Ich bin auch schon öfters mal wieder von Gentoo weg zu anderen Distris, aber schnell wiedergekommen.

Hängt einfach damit zusammen das Gentoo exakt das ist was ich will.

Ich mag keine Distris die mich einschränken wie z.b RedHat nach dem Motto "mp3 gibs erstmal nicht musste extra machen" oder generell Binary distris.

Ich mag es ein System komplett individuell für mich von grundauf zusammenzusetzen und zu optimieren, die performance is einfach nich zu verachten.

Klein Schnell und einfach, und da ich nicht erst seid gestern bei Gentoo bin sondern schon über 2 Jahre, brauch ich eben auch keine Manuals oder Howto's mehr für div. Grundgelegene Dinge wie z.b die bedeutung div. spezieller Config Files und Co.

Gentoo ist einfach schnell und einfach wenn man damit umgehen kann, es gibt keine andere Distri die meine Ansprüche so zufrieden stellt wie Gentoo.

Klar Gentoo hat auch seine Macken, grade wenn ich mir den scheiss installer ansehe wie so ein Stück müll es auf die LiveCD geschafft hat, oder die Portage Pflege.

Aber damit muss man eben leben, gibt eben keine Perfekte Distri, aber von allen Distris gefällt mir Gentoo selbst noch am besten.

Und dank der Individuellen Zusammensetzung und "from scratch" ist ein System Backup vernünftig angelegt besser einspielbar als von anderen Distris, ich hab mir da Effizient was zusammengeschustert mit Cronjobs und Co was keine Wünsche mehr offen lässt.

Wenn man mit Gentoo umgehen kann ist es das Claymore unter den Linux Distris, mit der Distri kann man einfach zaubern wenn man sich damit auskennt, es gibt nix schöneres für mich als ein Gentoo (im privateinsatz).

----------

## nikaya

Ich habe nun eingesehen dass Gentoo die für mich optimale Distribution ist und den Widerstand aufgegeben.  :Wink: 

Ich hatte einige Distris nebenher ausprobiert,aber ich bin nunmal ein Gentoo-Junkie.

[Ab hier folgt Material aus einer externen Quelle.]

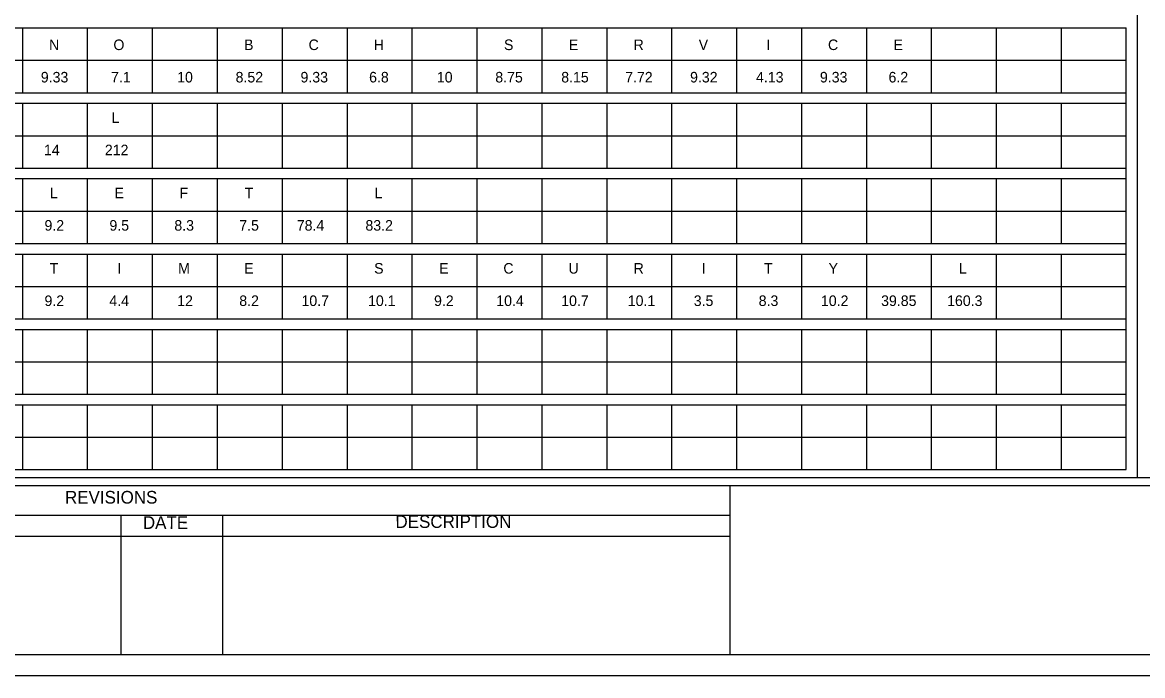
# Model space of a CAD drawing. Extents: x 17890628 to 17890817, y 17897493 to 17897992.
# Drawn here: x 17890684.6 to 17890736.6, y 17897492.8 to 17897523.1 of the extents above; entities that cross this region are included whole.
import ezdxf

# ---------------------------------------------------------------- set-up
doc = ezdxf.new("R2010")
doc.units = 0
for name, color, linetype in [('GSSign', 7, 'Continuous'), ('PlotBorder_dp', 7, 'Continuous'), ('SheetBorder_dp', 7, 'Continuous'), ('SheetLines_dp', 7, 'Continuous'), ('SheetLinesMisc2_dp', 7, 'Continuous'), ('TextMisc', 7, 'Continuous')]:
    doc.layers.add(name, color=color, linetype=linetype)

msp = doc.modelspace()

# ---------------------------------------------------------------- linework, layer by layer
at = {"layer": 'PlotBorder_dp'}
msp.add_lwpolyline([(17890655.57, 17897492.839), (17890817.319, 17897492.839), (17890817.319, 17897596.75), (17890655.57, 17897596.75)], close=True, dxfattribs=at)
at = {"layer": 'SheetBorder_dp'}
for p, q in [((17890660.962, 17897501.661), (17890811.928, 17897501.661)), ((17890660.962, 17897493.819), (17890811.928, 17897493.819))]:
    msp.add_line(p, q, dxfattribs=at)
at = {"layer": 'SheetLines_dp'}
for p, q in [((17890717.427, 17897501.661), (17890717.427, 17897493.819)), ((17890660.962, 17897500.289), (17890717.427, 17897500.289)), ((17890689.194, 17897500.289), (17890689.194, 17897493.819)), ((17890693.9, 17897500.289), (17890693.9, 17897493.819)), ((17890660.962, 17897499.309), (17890717.427, 17897499.309))]:
    msp.add_line(p, q, dxfattribs=at)
at = {"layer": 'SheetLinesMisc2_dp'}
for p, q in [((17890736.311, 17897595.691), (17890736.311, 17897502.033)), ((17890661.804, 17897522.886), (17890735.8, 17897522.886)), ((17890684.628, 17897522.886), (17890684.628, 17897519.88)), ((17890687.638, 17897522.886), (17890687.638, 17897519.88)), ((17890690.648, 17897522.886), (17890690.648, 17897519.88)), ((17890693.658, 17897522.886), (17890693.658, 17897519.88)), ((17890696.669, 17897522.886), (17890696.669, 17897519.88)), ((17890699.679, 17897522.886), (17890699.679, 17897519.88)), ((17890702.689, 17897522.886), (17890702.689, 17897519.88)), ((17890705.699, 17897522.886), (17890705.699, 17897519.88)), ((17890708.709, 17897522.886), (17890708.709, 17897519.88)), ((17890711.719, 17897522.886), (17890711.719, 17897519.88)), ((17890714.729, 17897522.886), (17890714.729, 17897519.88)), ((17890717.739, 17897522.886), (17890717.739, 17897519.88)), ((17890720.749, 17897522.886), (17890720.749, 17897519.88)), ((17890723.759, 17897522.886), (17890723.759, 17897519.88)), ((17890726.769, 17897522.886), (17890726.769, 17897519.88)), ((17890729.779, 17897522.886), (17890729.779, 17897519.88)), ((17890732.79, 17897522.886), (17890732.79, 17897519.88)), ((17890735.8, 17897502.398), (17890735.8, 17897522.886)), ((17890661.804, 17897521.384), (17890735.8, 17897521.384)), ((17890661.804, 17897519.88), (17890735.8, 17897519.88)), ((17890661.804, 17897519.389), (17890735.8, 17897519.389)), ((17890684.628, 17897519.389), (17890684.628, 17897516.383)), ((17890687.638, 17897519.389), (17890687.638, 17897516.383)), ((17890690.648, 17897519.389), (17890690.648, 17897516.383)), ((17890693.658, 17897519.389), (17890693.658, 17897516.383)), ((17890696.669, 17897519.389), (17890696.669, 17897516.383)), ((17890699.679, 17897519.389), (17890699.679, 17897516.383)), ((17890702.689, 17897519.389), (17890702.689, 17897516.383)), ((17890705.699, 17897519.389), (17890705.699, 17897516.383)), ((17890708.709, 17897519.389), (17890708.709, 17897516.383)), ((17890711.719, 17897519.389), (17890711.719, 17897516.383)), ((17890714.729, 17897519.389), (17890714.729, 17897516.383)), ((17890717.739, 17897519.389), (17890717.739, 17897516.383)), ((17890720.749, 17897519.389), (17890720.749, 17897516.383)), ((17890723.759, 17897519.389), (17890723.759, 17897516.383)), ((17890726.769, 17897519.389), (17890726.769, 17897516.383)), ((17890729.779, 17897519.389), (17890729.779, 17897516.383)), ((17890732.79, 17897519.389), (17890732.79, 17897516.383)), ((17890661.804, 17897517.886), (17890735.8, 17897517.886)), ((17890661.804, 17897516.383), (17890735.8, 17897516.383)), ((17890661.804, 17897515.893), (17890735.8, 17897515.893)), ((17890684.628, 17897515.893), (17890684.628, 17897512.887)), ((17890687.638, 17897515.893), (17890687.638, 17897512.887)), ((17890690.648, 17897515.893), (17890690.648, 17897512.887)), ((17890693.658, 17897515.893), (17890693.658, 17897512.887)), ((17890696.669, 17897515.893), (17890696.669, 17897512.887)), ((17890699.679, 17897515.893), (17890699.679, 17897512.887)), ((17890702.689, 17897515.893), (17890702.689, 17897512.887)), ((17890705.699, 17897515.893), (17890705.699, 17897512.887)), ((17890708.709, 17897515.893), (17890708.709, 17897512.887)), ((17890711.719, 17897515.893), (17890711.719, 17897512.887)), ((17890714.729, 17897515.893), (17890714.729, 17897512.887)), ((17890717.739, 17897515.893), (17890717.739, 17897512.887)), ((17890720.749, 17897515.893), (17890720.749, 17897512.887)), ((17890723.759, 17897515.893), (17890723.759, 17897512.887)), ((17890726.769, 17897515.893), (17890726.769, 17897512.887)), ((17890729.779, 17897515.893), (17890729.779, 17897512.887)), ((17890732.79, 17897515.893), (17890732.79, 17897512.887)), ((17890661.804, 17897514.39), (17890735.8, 17897514.39)), ((17890661.804, 17897512.887), (17890735.8, 17897512.887)), ((17890661.804, 17897512.396), (17890735.8, 17897512.396)), ((17890684.628, 17897512.396), (17890684.628, 17897509.39)), ((17890687.638, 17897512.396), (17890687.638, 17897509.39)), ((17890690.648, 17897512.396), (17890690.648, 17897509.39)), ((17890693.658, 17897512.396), (17890693.658, 17897509.39)), ((17890696.669, 17897512.396), (17890696.669, 17897509.39)), ((17890699.679, 17897512.396), (17890699.679, 17897509.39)), ((17890702.689, 17897512.396), (17890702.689, 17897509.39)), ((17890705.699, 17897512.396), (17890705.699, 17897509.39)), ((17890708.709, 17897512.396), (17890708.709, 17897509.39)), ((17890711.719, 17897512.396), (17890711.719, 17897509.39)), ((17890714.729, 17897512.396), (17890714.729, 17897509.39)), ((17890717.739, 17897512.396), (17890717.739, 17897509.39)), ((17890720.749, 17897512.396), (17890720.749, 17897509.39)), ((17890723.759, 17897512.396), (17890723.759, 17897509.39)), ((17890726.769, 17897512.396), (17890726.769, 17897509.39)), ((17890729.779, 17897512.396), (17890729.779, 17897509.39)), ((17890732.79, 17897512.396), (17890732.79, 17897509.39)), ((17890661.804, 17897510.894), (17890735.8, 17897510.894)), ((17890661.804, 17897509.39), (17890735.8, 17897509.39)), ((17890661.804, 17897508.9), (17890735.8, 17897508.9)), ((17890684.628, 17897508.9), (17890684.628, 17897505.894)), ((17890687.638, 17897508.9), (17890687.638, 17897505.894)), ((17890690.648, 17897508.9), (17890690.648, 17897505.894)), ((17890693.658, 17897508.9), (17890693.658, 17897505.894)), ((17890696.669, 17897508.9), (17890696.669, 17897505.894)), ((17890699.679, 17897508.9), (17890699.679, 17897505.894)), ((17890702.689, 17897508.9), (17890702.689, 17897505.894)), ((17890705.699, 17897508.9), (17890705.699, 17897505.894)), ((17890708.709, 17897508.9), (17890708.709, 17897505.894)), ((17890711.719, 17897508.9), (17890711.719, 17897505.894)), ((17890714.729, 17897508.9), (17890714.729, 17897505.894)), ((17890717.739, 17897508.9), (17890717.739, 17897505.894)), ((17890720.749, 17897508.9), (17890720.749, 17897505.894)), ((17890723.759, 17897508.9), (17890723.759, 17897505.894)), ((17890726.769, 17897508.9), (17890726.769, 17897505.894)), ((17890729.779, 17897508.9), (17890729.779, 17897505.894)), ((17890732.79, 17897508.9), (17890732.79, 17897505.894)), ((17890661.804, 17897507.396), (17890735.8, 17897507.396)), ((17890661.804, 17897505.894), (17890735.8, 17897505.894)), ((17890661.804, 17897505.403), (17890735.8, 17897505.403)), ((17890684.628, 17897505.403), (17890684.628, 17897502.398)), ((17890687.638, 17897505.403), (17890687.638, 17897502.398)), ((17890690.648, 17897505.403), (17890690.648, 17897502.398)), ((17890693.658, 17897505.403), (17890693.658, 17897502.398)), ((17890696.669, 17897505.403), (17890696.669, 17897502.398)), ((17890699.679, 17897505.403), (17890699.679, 17897502.398)), ((17890702.689, 17897505.403), (17890702.689, 17897502.398)), ((17890705.699, 17897505.403), (17890705.699, 17897502.398)), ((17890708.709, 17897505.403), (17890708.709, 17897502.398)), ((17890711.719, 17897505.403), (17890711.719, 17897502.398)), ((17890714.729, 17897505.403), (17890714.729, 17897502.398)), ((17890717.739, 17897505.403), (17890717.739, 17897502.398)), ((17890720.749, 17897505.403), (17890720.749, 17897502.398)), ((17890723.759, 17897505.403), (17890723.759, 17897502.398)), ((17890726.769, 17897505.403), (17890726.769, 17897502.398)), ((17890729.779, 17897505.403), (17890729.779, 17897502.398)), ((17890732.79, 17897505.403), (17890732.79, 17897502.398)), ((17890661.804, 17897503.9), (17890735.8, 17897503.9)), ((17890661.804, 17897502.398), (17890735.8, 17897502.398)), ((17890661.083, 17897502.033), (17890811.539, 17897502.033))]:
    msp.add_line(p, q, dxfattribs=at)

# ---------------------------------------------------------------- texts
at = {"layer": 'GSSign'}
for s, height, p in [('N', 0.49, (17890685.865, 17897521.859)), ('O', 0.49, (17890688.848, 17897521.859)), ('B', 0.49, (17890694.904, 17897521.859)), ('C', 0.49, (17890697.898, 17897521.859)), ('H', 0.49, (17890700.917, 17897521.859)), ('S', 0.49, (17890706.958, 17897521.859)), ('E', 0.49, (17890709.968, 17897521.859)), ('R', 0.49, (17890712.966, 17897521.859)), ('V', 0.49, (17890715.986, 17897521.859)), ('I', 0.49, (17890719.13, 17897521.859)), ('C', 0.49, (17890721.981, 17897521.859)), ('E', 0.49, (17890725.019, 17897521.859)), ('9.33', 0.4902, (17890685.482, 17897520.356)), ('7.1', 0.4902, (17890688.737, 17897520.356)), ('10', 0.4902, (17890691.803, 17897520.356)), ('8.52', 0.4902, (17890694.513, 17897520.356)), ('9.33', 0.4902, (17890697.523, 17897520.356)), ('6.8', 0.4902, (17890700.703, 17897520.356)), ('10', 0.4902, (17890703.845, 17897520.356)), ('8.75', 0.4902, (17890706.554, 17897520.356)), ('8.15', 0.4902, (17890709.612, 17897520.356)), ('7.72', 0.4902, (17890712.575, 17897520.356)), ('9.32', 0.4902, (17890715.585, 17897520.356)), ('4.13', 0.4902, (17890718.643, 17897520.356)), ('9.33', 0.4902, (17890721.606, 17897520.356)), ('6.2', 0.4902, (17890724.787, 17897520.356)), ('L', 0.49, (17890688.757, 17897518.481)), ('14', 0.4902, (17890685.628, 17897516.978)), ('212', 0.4902, (17890688.451, 17897516.978)), ('L', 0.49, (17890685.9, 17897514.984)), ('E', 0.49, (17890688.895, 17897514.984)), ('F', 0.49, (17890691.914, 17897514.984)), ('T', 0.49, (17890694.928, 17897514.984)), ('L', 0.49, (17890700.952, 17897514.984)), ('9.2', 0.4902, (17890685.652, 17897513.481)), ('9.5', 0.4902, (17890688.663, 17897513.481)), ('8.3', 0.4902, (17890691.673, 17897513.481)), ('7.5', 0.4902, (17890694.684, 17897513.481)), ('78.4', 0.4902, (17890697.35, 17897513.481)), ('83.2', 0.4902, (17890700.533, 17897513.481)), ('T', 0.49, (17890685.897, 17897511.488)), ('I', 0.49, (17890689.027, 17897511.488)), ('M', 0.49, (17890691.85, 17897511.488)), ('E', 0.49, (17890694.916, 17897511.488)), ('S', 0.49, (17890700.937, 17897511.488)), ('E', 0.49, (17890703.947, 17897511.488)), ('C', 0.49, (17890706.929, 17897511.488)), ('U', 0.49, (17890709.949, 17897511.488)), ('R', 0.49, (17890712.966, 17897511.488)), ('I', 0.49, (17890716.12, 17897511.488)), ('T', 0.49, (17890719.011, 17897511.488)), ('Y', 0.49, (17890722.008, 17897511.488)), ('L', 0.49, (17890728.045, 17897511.488)), ('9.2', 0.4902, (17890685.652, 17897509.985)), ('4.4', 0.4902, (17890688.66, 17897509.985)), ('12', 0.4902, (17890691.806, 17897509.985)), ('8.2', 0.4902, (17890694.683, 17897509.985)), ('10.7', 0.4902, (17890697.568, 17897509.985)), ('10.1', 0.4902, (17890700.654, 17897509.985)), ('9.2', 0.4902, (17890703.714, 17897509.985)), ('10.4', 0.4902, (17890706.599, 17897509.985)), ('10.7', 0.4902, (17890709.61, 17897509.985)), ('10.1', 0.4902, (17890712.696, 17897509.985)), ('3.5', 0.4902, (17890715.756, 17897509.985)), ('8.3', 0.4902, (17890718.767, 17897509.985)), ('10.2', 0.4902, (17890721.653, 17897509.985)), ('39.85', 0.4902, (17890724.443, 17897509.985)), ('160.3', 0.4902, (17890727.503, 17897509.985))]:
    msp.add_text(s, height=height, dxfattribs=at).set_placement(p)
at = {"layer": 'TextMisc'}
msp.add_text('REVISIONS', height=0.5882, dxfattribs=at).set_placement((17890686.603, 17897500.819))
for s, height, rotation, p in [('DATE', 0.5882, 359.8693, (17890690.214, 17897499.645)), ('DESCRIPTION', 0.58818, 0.0498, (17890701.925, 17897499.688))]:
    msp.add_text(s, height=height, rotation=rotation, dxfattribs=at).set_placement(p)

doc.saveas('drawing.dxf')

Gründe?Gibt es viele,auch die die Du aufgezählt hast.Sourcebasiert,Flexibilität,Dokumentation,Community.Einfach das ganze Gesamtkonzept.

----------

## Sourcecode

Und nicht zu vergessen Portage selbst, meiner Meinung nach ist Portage ansich eines der besten Packetmanager wo gibt, auch wenn die Portage pflege selbst mittlerweile grauenhaft ist (und der Portage Code selbst auch zu langsam sprich python  :Wink:  )

Ich finde Portage als Packetverwaltungssystem selbst ist das beste was es so großflächig gibt, wer einmal Portage benutzt hat will nie wieder irgendwas anderes (ODER?  :Wink:  )

Auch APT-Get und Yum können da vom Design her nicht mithalten finde ich.

----------

## think4urs11

pro

- ganz oben die Community, nicht umsonst hab ich deswegen 4k+ posts und bin gerne Mod geworden

- der opt-in Ansatz im Gegensatz zum opt-out der meisten anderen Distries

- kein upgrade 'Zwang' zu bestimmten Zeitpunkten wg. neuer Version der Distri

- die sehr guten Dokus für praktisch alles, sowohl offiziell wie Foren wie Wiki

- für diverse Zwecke absolut enterprisetauglich

- der Lerneffekt

- alles händisch einstellbar, keine versteckten Fallen wg. GUIs ala YaST

contra

- Installer (da ich 'Offizieller' bin spar ich mir meine Meinung lieber)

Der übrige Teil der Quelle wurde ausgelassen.